Le palmarès du Prix Bayeux-Calvados

Les guerres en Syrie et en Libye ont dominé les prix attribués par le prix Bayeux-Calvados des correspondants de guerre. Avec une question, posée par le président du jury, Gilles Peress, photographe à Magnum : «Par la force des reportages et des témoignages, que restera-t-il gravé dans nos mémoires dans 20 ans ?»

Le guitariste de Syrte: une photo d\'Aris Messinis, phtographe de l\'AFP primé à Bayeux
Le guitariste de Syrte: une photo d'Aris Messinis, phtographe de l'AFP primé à Bayeux (AFP - ARIS MESSINIS )

La force des reportages et des témoignages rapportés par les journalistes permet au monde extérieur d’être informé sur la situation en Syrie et « la sale guerre », selon leur propre terme, qu’y livre le régime de Bachar el Assad à son propre peuple.

Le trophée Télévision a ainsi été attribué à Nic Robertson, du bureau de Londres de la chaîne américaine CNN, pour son reportage intitulé «Syrie, la ville de première ligne». D’une manière générale, depuis 2011, le journaliste a beaucoup travaillé sur le « Printemps arabe », et notamment les révoltes en Libye et en Syrie. Dans les années 2000, il avait couvert les conflits d’Irak et d’Afghanistan.

L’écrit, lui aussi, a su montrer toute sa force pour décrire l’horreur des combats. Le trophée Presse écrite a été attribué à l’Espagnol Javier Espinosa pour son article du journal El Mundo intitulé «La dernière bataille de Bab Amr». Bab Amr, quartier situé au sud-ouest de la ville de Homs en Syrie. Espinosa a lui-même été bloqué plusieurs jours dans la ville avant de gagner Beyrouth.

Autre conflit très présent à Bayeux : la Libye. Mathieu Mabin, grand reporter à France 24, s’est vu attribuer le prix Télévision grand format pour son reportage «Brigade Tripoli». Envoyé spécial de la chaîne dans ce pays dès les premiers jours du conflit, il y a réalisé de nombreux sujets sur les lignes de front.
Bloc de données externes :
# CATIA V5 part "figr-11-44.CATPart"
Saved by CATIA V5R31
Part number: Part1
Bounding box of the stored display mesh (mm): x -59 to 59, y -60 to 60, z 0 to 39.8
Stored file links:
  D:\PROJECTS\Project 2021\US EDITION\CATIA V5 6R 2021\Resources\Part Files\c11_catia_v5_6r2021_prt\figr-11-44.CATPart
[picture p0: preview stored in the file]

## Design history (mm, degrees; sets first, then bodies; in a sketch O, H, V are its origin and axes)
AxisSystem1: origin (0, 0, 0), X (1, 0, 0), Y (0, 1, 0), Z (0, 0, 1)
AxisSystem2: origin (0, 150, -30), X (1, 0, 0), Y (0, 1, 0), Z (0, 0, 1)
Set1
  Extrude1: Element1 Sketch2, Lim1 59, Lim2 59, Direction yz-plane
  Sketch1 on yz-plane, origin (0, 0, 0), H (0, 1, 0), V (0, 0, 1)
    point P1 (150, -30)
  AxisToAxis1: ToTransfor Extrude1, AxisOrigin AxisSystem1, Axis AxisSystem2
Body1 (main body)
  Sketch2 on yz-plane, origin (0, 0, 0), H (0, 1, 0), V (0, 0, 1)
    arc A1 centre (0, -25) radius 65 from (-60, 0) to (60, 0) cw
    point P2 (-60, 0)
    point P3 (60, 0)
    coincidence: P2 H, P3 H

Il a suivi les forces anti-Kadhafi dans leur périple vers la capitale libyenne, il raconte.

Le trophée Photo a été décerné à Aris Messinis, de l’AFP, pour «La bataille de Syrte» (nord-ouest du pays). L’un de ses clichés, où l’on voit un rebelle jouant de la guitare pendant un assaut contre l’un des derniers bastions des troupes de Kadhafi dans la ville, a fait le tour du monde.

Cette année encore, les prix saluent la couverture de conflits moins médiatisés. Le prix du jeune reporter a ainsi été attribué à Ed Ou, de Getty Images, pour son reportage en Egypte «Nous l’avons tant aimé, la révolution».

Autre catégorie et non, des moindres, primée depuis l’an dernier : le webdocumentaire, qui valorise le web-journalisme. Le prix revient cette année à David Wood pour «Beyond the battlefield», «Au-delà du champ de bataille». Il raconte le difficile retour des soldats américains après les conflits en Afghanistan et en Irak.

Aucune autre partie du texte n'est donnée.